# Directions for this task
With the images removed, reproduce each entry below word for word.

# Records for processing
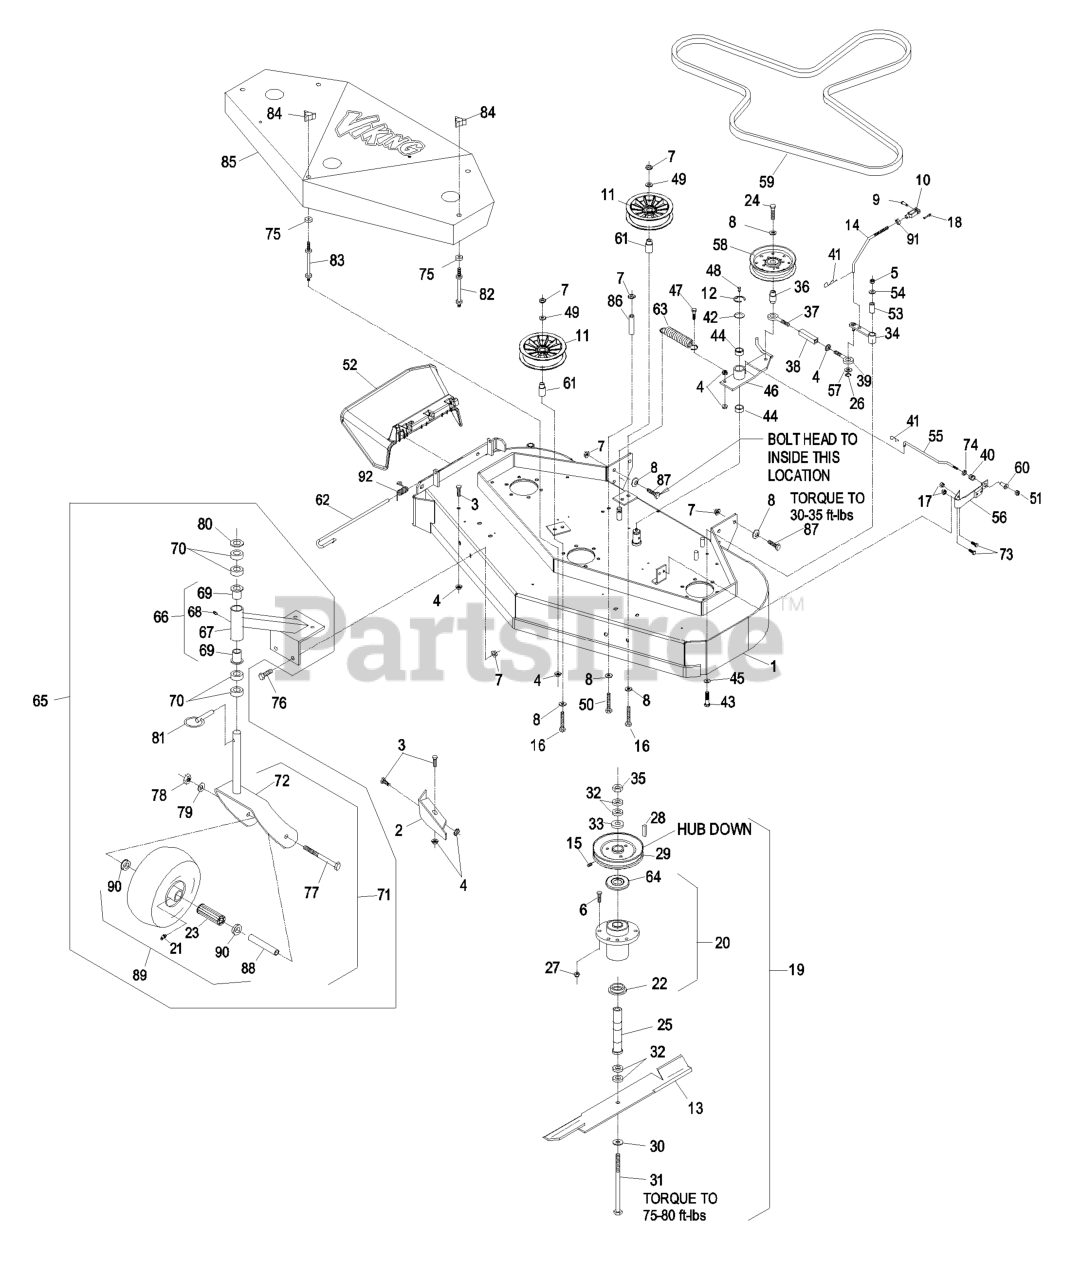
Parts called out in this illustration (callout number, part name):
1	DECK-SERVICE, 48
2	BAFFLE-DOGLEG
3	SCREW-HH
5	NUT-LOCK, NI
6	SCREW-HH
7	NUT-HHF, WHIZ
8	WASHER-BELLEVILLE
9	PIN-CLEVIS
10	YOKE-ADJUSTABLE
11	PULLEY,IDLER 5"
12	RING-RETAINING, EXT
14	ARM-LINKAGE, ASSIST
15	SCREW-SET
16	SCREW-HH
17	NUT-LOCK, NI
18	PIN-COTTER
19	ASM, CUTTER HOUSING OUTER
20	KIT, CUTTER HOUSING
21	FITTING-GREASE
22	SPACER-GUARD, BOTTOM
23	BEARING
24	SCREW-HH
25	TUBE-SPINDLE, SHORT
26	RING-RETAINING, EXT
27	NUT-LOCK, NI
29	SHEAVE
30	WASHER-SPRING
31	SCREW-CAP, HH
33	WASHER-RETAINER, SHEAVE
34	ARM-ASSIST, 32/36
35	NUT-HEX
36	BUSHING-ENGAGEMENT
37	EYEBOLT-THREAD, LH
38	BODY-TURNBUCKLE
39	EYEBOLT-THREAD, RH
40	SPRING-COMPRESSION
41	PIN-COTTER
42	WASHER-SPINDLE
43	SCREW-HH
44	SLEEVE-BEARING
45	WASHER-SPRING
46	IDLER ARM ASM
47	SCREW-HH
48	FITTING-GREASE
49	WASHER-FLAT
50	SCREW-HH
51	NUT-LOCK, NI
52	CHUTE DEFLECTOR XRK M056
53	TUBE-PIVOT
54	WASHER-FLAT
55	ROD-BRAKE
56	PAD AND SPRING ASM
57	WASHER-PLAIN
59	BELT,BLADE 48
60	SPACER-FLANGED
62	PIN-CHUTE
63	SPRING-EXTENSION
64	GUARD-BEARING, TOP
66	ASM,CSTR SUPPORT W/WEIGHT
68	FITTING-GREASE
69	BEARING-FLANGED
70	SPACER-CASTER
71	ASM,CASTER/WHEEL
73	SCREW-HH
74	RING-PUSH ON
76	SCREW-HH
77	SCREW-HH
78	NUT-HH
79	WASHER-LOCK
80	WASHER-FLAT
82	STUD-SHIELD, BELT (SHORT)
83	STUD-SHIELD, BELT (LONG)
84	KNOB-3 PRONG
87	SCREW-HH
89	KIT, SP CASTER WHEEL REPL
90	BUSHING
91	NUT-HEX
92	SPRING, TORSION

# Written answer
Parts called out in this illustration (callout number, part name):
1	DECK-SERVICE, 48
2	BAFFLE-DOGLEG
3	SCREW-HH
5	NUT-LOCK, NI
6	SCREW-HH
7	NUT-HHF, WHIZ
8	WASHER-BELLEVILLE
9	PIN-CLEVIS
10	YOKE-ADJUSTABLE
11	PULLEY,IDLER 5"
12	RING-RETAINING, EXT
14	ARM-LINKAGE, ASSIST
15	SCREW-SET
16	SCREW-HH
17	NUT-LOCK, NI
18	PIN-COTTER
19	ASM, CUTTER HOUSING OUTER
20	KIT, CUTTER HOUSING
21	FITTING-GREASE
22	SPACER-GUARD, BOTTOM
23	BEARING
24	SCREW-HH
25	TUBE-SPINDLE, SHORT
26	RING-RETAINING, EXT
27	NUT-LOCK, NI
29	SHEAVE
30	WASHER-SPRING
31	SCREW-CAP, HH
33	WASHER-RETAINER, SHEAVE
34	ARM-ASSIST, 32/36
35	NUT-HEX
36	BUSHING-ENGAGEMENT
37	EYEBOLT-THREAD, LH
38	BODY-TURNBUCKLE
39	EYEBOLT-THREAD, RH
40	SPRING-COMPRESSION
41	PIN-COTTER
42	WASHER-SPINDLE
43	SCREW-HH
44	SLEEVE-BEARING
45	WASHER-SPRING
46	IDLER ARM ASM
47	SCREW-HH
48	FITTING-GREASE
49	WASHER-FLAT
50	SCREW-HH
51	NUT-LOCK, NI
52	CHUTE DEFLECTOR XRK M056
53	TUBE-PIVOT
54	WASHER-FLAT
55	ROD-BRAKE
56	PAD AND SPRING ASM
57	WASHER-PLAIN
59	BELT,BLADE 48
60	SPACER-FLANGED
62	PIN-CHUTE
63	SPRING-EXTENSION
64	GUARD-BEARING, TOP
66	ASM,CSTR SUPPORT W/WEIGHT
68	FITTING-GREASE
69	BEARING-FLANGED
70	SPACER-CASTER
71	ASM,CASTER/WHEEL
73	SCREW-HH
74	RING-PUSH ON
76	SCREW-HH
77	SCREW-HH
78	NUT-HH
79	WASHER-LOCK
80	WASHER-FLAT
82	STUD-SHIELD, BELT (SHORT)
83	STUD-SHIELD, BELT (LONG)
84	KNOB-3 PRONG
87	SCREW-HH
89	KIT, SP CASTER WHEEL REPL
90	BUSHING
91	NUT-HEX
92	SPRING, TORSION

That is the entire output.